Predicting Credit Card Fraud - Logistic Regression

Hi!

I just finalised my code for the “Predicting Credit Card Fraud” on the Data Science: Machine Learning Specialist skillpath, but my model score and predictions don’t add up (…seems to good). I have tried to identify where my error is, but I can’t figure it out. I’ve enclosed my code and would love some help (…and feedback!).

Link to exercise: https://www.codecademy.com/paths/data-science/tracks/dsml-supervised-learning-i/modules/mle-logistic-regression-66e97567-68e4-431c-895f-c3c64abc5547/projects/logreg-credit-card-fraud

import seaborn
import pandas as pd
import numpy as np
import codecademylib3
import matplotlib.pyplot as plt
from sklearn.linear_model import LogisticRegression
from sklearn.model_selection import train_test_split
from sklearn.preprocessing import StandardScaler

# Load the data
transactions = pd.read_csv('transactions.csv')
print(transactions.head(10))
print(transactions.info)

# Summary statistics on amount column
print(transactions['amount'].describe())

# Create isPayment field
def cond_isPayment(x):
  if x == 'PAYMENT':
    return 1
  elif x == 'DEBIT':
    return 1
  else:
    return 0

func = np.vectorize(cond_isPayment)
isPayment = func(transactions['type'])
transactions['isPayment'] = isPayment

print(transactions['isPayment'].head(10))

# Create isMovement field
def cond_isMovement(x):
  if x == 'CASH_OUT':
    return 1
  elif x == 'TRANSFER':
    return 1
  else:
    return 0

func = np.vectorize(cond_isMovement)
isMovement = func(transactions['type'])
transactions['isMovement'] = isMovement

print(transactions['isMovement'].head(5))

# Create accountDiff field
transactions['accountDiff'] = transactions['oldbalanceOrg'] - transactions['oldbalanceDest']

print(transactions['accountDiff'].head(5))

# Create features and label variables
X = transactions[['amount', 'isPayment', 'isMovement', 'accountDiff']]
print(X.head(5))

y = transactions['isFraud']
print(y.head(5))

# Split dataset
X_train, X_test, y_train, y_test = train_test_split(X, y, test_size = 0.3)

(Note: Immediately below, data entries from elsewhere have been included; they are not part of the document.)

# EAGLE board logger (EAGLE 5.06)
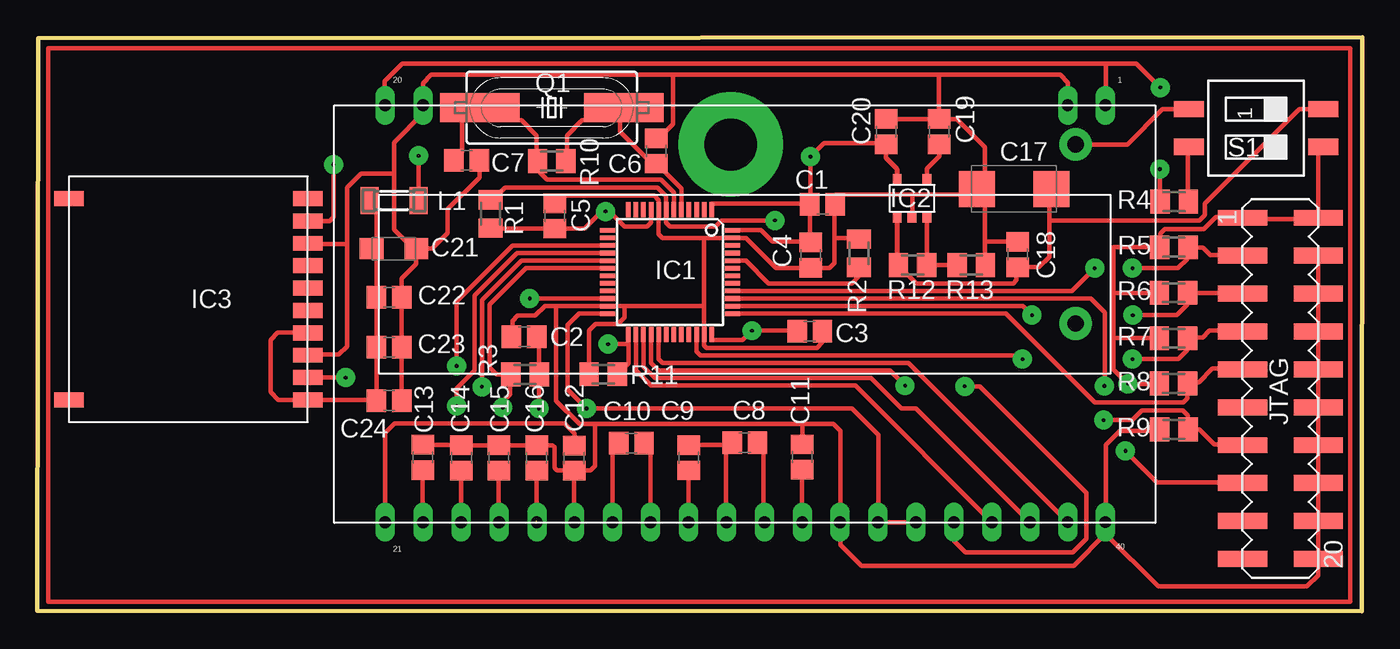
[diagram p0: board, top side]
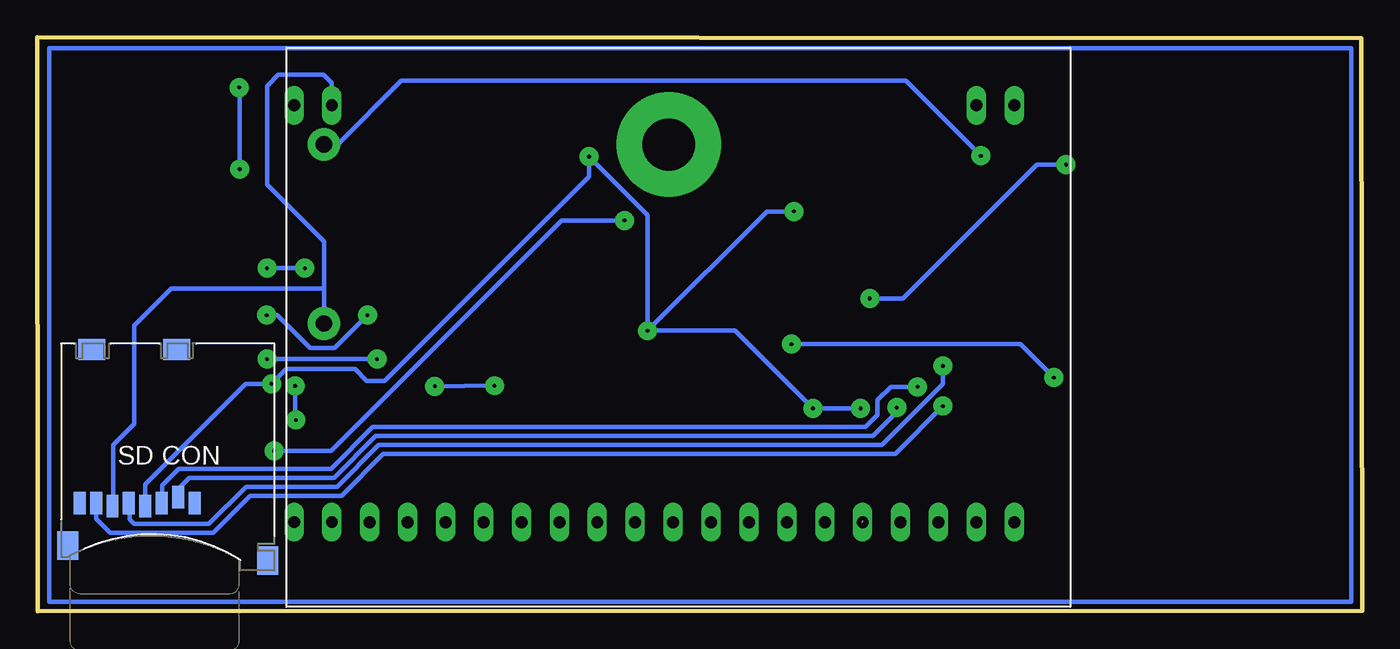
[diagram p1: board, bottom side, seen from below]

Size 88.76 x 38.47 mm. Coordinates in mm from the lower left corner, seen from the top.
Outline: 0,0.03 88.73,0 88.76,38.47 0.05,38.42 0,0.03
Copper layers (1*16): Top 0.035mm / dielectric 1.5mm / Bottom 0.035mm
Design rules "default": minimum track width 10mil, minimum drill 24mil, track to track 8mil, track to pad 8mil, pad to pad 8mil, via to via 8mil, smd to smd 8mil, copper to edge 40mil, drill to drill 8mil, minimum pad ring 10mil, minimum via ring 8mil, stop-mask expansion 4mil, vias tented up to drill 0mil, thermal gap 10mil

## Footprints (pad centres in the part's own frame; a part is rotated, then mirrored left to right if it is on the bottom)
C0805 = smd 1.3 x 1.5: 1 -0.85,0; 2 0.85,0
SMC_C = smd 2.4 x 2.4: + -2.5,0; - 2.5,0
SMC_A = smd 1.6 x 1.4: + -1.5,0; - 1.5,0
SM-1206 = smd 1.2 x 1.8: 1 -1.65,0; 2 1.65,0
HC49UP = smd 5.334 x 1.93: 1 -4.826,0; 2 4.826,0
M0805 = smd 1.3 x 1.6: 1 -0.95,0; 2 0.95,0
SMS-002 = smd 1.092 x 2.007: 1 -1.27,-4.496; 2 1.27,-4.496; 3 1.27,4.496; 4 -1.27,4.496
MA10-2 = smd 1.067 x 3.302: 1 -11.43,-2.54; 2 -11.43,2.54; 3 -8.89,-2.54; 4 -8.89,2.54; 5 -6.35,-2.54; 6 -6.35,2.54; 7 -3.81,-2.54; 8 -3.81,2.54; 9 -1.27,-2.54; 10 -1.27,2.54; 11 1.27,-2.54; 12 1.27,2.54; 13 3.81,-2.54; 14 3.81,2.54; 15 6.35,-2.54; 16 6.35,2.54; 17 8.89,-2.54; 18 8.89,2.54; 19 11.43,-2.54; 20 11.43,2.54
TQFP48 = smd 1.016 x 0.305: 1 -4.191,2.794; 2 -4.191,2.286; 3 -4.191,1.778; 4 -4.191,1.27; 5 -4.191,0.762; 6 -4.191,0.254; 7 -4.191,-0.254; 8 -4.191,-0.762; 9 -4.191,-1.27; 10 -4.191,-1.778; 11 -4.191,-2.286; 12 -4.191,-2.794; 25 4.191,-2.794; 26 4.191,-2.286; 27 4.191,-1.778; 28 4.191,-1.27; 29 4.191,-0.762; 30 4.191,-0.254; 31 4.191,0.254; 32 4.191,0.762; 33 4.191,1.27; 34 4.191,1.778; 35 4.191,2.286; 36 4.191,2.794 | smd 0.305 x 1.016: 13 -2.794,-4.191; 14 -2.286,-4.191; 15 -1.778,-4.191; 16 -1.27,-4.191; 17 -0.762,-4.191; 18 -0.254,-4.191; 19 0.254,-4.191; 20 0.762,-4.191; 21 1.27,-4.191; 22 1.778,-4.191; 23 2.286,-4.191; 24 2.794,-4.191; 37 2.794,4.191; 38 2.286,4.191; 39 1.778,4.191; 40 1.27,4.191; 41 0.762,4.191; 42 0.254,4.191; 43 -0.254,4.191; 44 -0.762,4.191; 45 -1.27,4.191; 46 -1.778,4.191; 47 -2.286,4.191; 48 -2.794,4.191
MICROSD = smd 0.8 x 1.5: 1 -1.94,2.7; 2 -0.84,2.3; 3 0.26,2.7; 4 1.36,2.9; 5 2.46,2.7; 6 3.56,2.9; 7 4.66,2.7; 8 5.76,2.7 | smd 1.4 x 1.9: NC -6.85,6.55; NC3 6.55,5.55 | smd 1.8 x 1.4: NC1 -0.75,-7.6; NC2 4.95,-7.6
GPS_FGMMOPA6B = smd 2 x 1: 1 -2.5,7.5; 2 -2.5,6; 3 -2.5,4.5; 4 -2.5,3; 5 -2.5,1.5; 6 -2.5,0; 7 -2.5,-1.5; 8 -2.5,-3; 9 -2.5,-4.5; 10 -2.5,-6; P$11 13.5,7.5; P$12 13.5,-6
3V110R = drill 1.1 pad 2.184 round: MINUS -2.5,-19; PLUS -2.5,-31 | drill 3.5 pad 7 round: P$1 -25.6,-30.99
LP3985 = smd 0.65 x 0.6: 1 -1.2,0.53; 2 -1.2,-0.47; 3 -1.2,-1.47; 4 1.4,-1.47; 5 1.4,0.53
E_DOG-M_DISPLAY = drill 0.8 long: 1 3.334,0; 2 5.874,0; 19 49.054,0; 20 51.594,0; 21 51.594,27.94; 22 49.054,27.94; 23 46.514,27.94; 24 43.974,27.94; 25 41.434,27.94; 26 38.894,27.94; 27 36.354,27.94; 28 33.814,27.94; 29 31.274,27.94; 30 28.734,27.94; 31 26.194,27.94; 32 23.654,27.94; 33 21.114,27.94; 34 18.574,27.94; 35 16.034,27.94; 36 13.494,27.94; 37 10.954,27.94; 38 8.414,27.94; 39 5.874,27.94; 40 3.334,27.94

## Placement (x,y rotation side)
C1  100nF  [C0805]  52.61,27.28 180 top
C2  100nF  [C0805]  32.62,18.41 0 top
C3  100nF  [C0805]  51.75,18.78 180 top
C4  100nF  [C0805]  51.82,23.87 270 top
C5  100nF  [C0805]  34.66,26.5 90 top
C6  22pF  [C0805]  41.47,30.86 270 top
C7  22pF  [C0805]  28.76,30.21 180 top
C8  1uF  [C0805]  47.4,11.31 180 top
C9  1uF  [C0805]  43.63,10.29 270 top
C10  1uF  [C0805]  39.8,11.26 0 top
C11  1uF  [C0805]  51.24,10.34 90 top
C12  1uF  [C0805]  35.96,10.27 270 top
C13  1uF  [C0805]  25.82,10.31 90 top
C14  1uF  [C0805]  28.42,10.29 90 top
C15  1uF  [C0805]  30.91,10.29 90 top
C16  1uF  [C0805]  33.45,10.29 90 top
C17  100uF  [SMC_C]  65.44,28.31 180 top
C18  1uF  [C0805]  65.68,23.92 90 top
C19  10nF  [C0805]  60.42,32.14 90 top
C20  1uF  [C0805]  56.87,32.14 90 top
C21  10uF  [SMC_A]  23.89,24.31 0 top
C22  1uF  [C0805]  23.57,21.05 0 top
C23  100nF  [C0805]  23.57,17.69 0 top
C24  10nF  [C0805]  23.57,14.13 0 top
L1  [SM-1206]  23.91,27.54 180 top
Q1  8.00MHz  [HC49UP]  34.47,33.76 0 top
R1  10k  [M0805]  30.36,26.64 270 top
R2  10k  [M0805]  55.06,24 270 top
R3  4k7  [M0805]  32.67,15.88 0 top
R4  100  [M0805]  76.16,27.46 0 top
R5  10k  [M0805]  76.15,24.4 180 top
R6  10k  [M0805]  76.12,21.35 180 top
R7  10k  [M0805]  76.12,18.3 180 top
R8  10k  [M0805]  76.12,15.28 180 top
R9  10k  [M0805]  76.14,12.2 0 top
R10  1M  [M0805]  34.46,30.18 0 top
R11  10k  [M0805]  37.92,15.89 180 top
R12  14,3k  [M0805]  58.64,23.2 180 top
R13  10k  [M0805]  62.56,23.2 180 top
S1  SWS002  [SMS-002]  81.65,32.39 270 top
SV1  [MA10-2]  83.28,14.94 270 top
U$1  STM32  [TQFP48]  42.39,22.74 270 top
U$2  MICROSD  [MICROSD]  80.17,9.95 180 bottom
U$3  GPS_FGMMOPA6B  [GPS_FGMMOPA6B]  15.62,21.66 180 top
U$4  3V110R  [3V110R]  72.06,0.29 180 bottom
U$5  LP3985  [LP3985]  58.14,27.57 90 top
U$6  EA_DOG-M_DISPLAY  [E_DOG-M_DISPLAY]  74.9,33.92 180 top

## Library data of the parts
C1-C24 R1-R13 = rcl
L1 = inductor-neosid
Q1 = crystal
S1 = smd-special
SV1 = goldpiny_smd
U$1 = stm32
U$2 = microsd
U$3 = GPS_FGMMOPA6B
U$4 = battery_pack
U$5 = lp3985
U$6 = display_ea_dogm132

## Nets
+3V3: C1.2 C2.2 C3.2 C4.1 C5.1 C20.1 R1.2 R3.2 R5.2 R6.2 R7.2 R8.2 S1.3 SV1.1 SV1.2 U$1.1 U$1.9 U$1.24 U$1.36 U$1.48 U$2.4 U$5.5 U$6.34 U$6.35
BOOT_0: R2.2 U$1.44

# Normalize the features variables
scaler = StandardScaler()
X_train_scaled = scaler.fit_transform(X_train)
X_test_scaled = scaler.transform(X_test)

# Fit the model to the training data
lr = LogisticRegression()
lr.fit(X_train_scaled, y_train)

# Score the model on the training data
print(lr.score(X_train_scaled, y_train))

# Score the model on the test data
print(lr.score(X_test_scaled, y_test))

# Print the model coefficients
print(lr.coef_)

# New transaction data
transaction1 = np.array([123456.78, 0.0, 1.0, 54670.1])
transaction2 = np.array([98765.43, 1.0, 0.0, 8524.75])
transaction3 = np.array([543678.31, 1.0, 0.0, 510025.5])

# Combine new transactions into a single array
sample_transactions = np.array([transaction1, transaction2, transaction3])
print(sample_transactions)

# Normalize the new transactions
sample_transactions_scaled = scaler.fit_transform(sample_transactions)

# Predict fraud on the new transactions
predicted_fraud = lr.predict(sample_transactions_scaled)
print(predicted_fraud)

# Show probabilities on the new transactions
predicted_prob_fraud = lr.predict_proba(sample_transactions_scaled)
print(predicted_prob_fraud)

Did you try printing the confusion matrix? I have the same problem and I think the score is high because there are just very few fraudulent transactions overall. If you have 9990 non-fraudulent transactions and 10 fraudulent transactions, even if you classify 100% of fraudulent transactions as non-fraudulent, you can still end up with a pretty high score.

Confusion matrix helps because you can see the actual number of false negatives and false positives.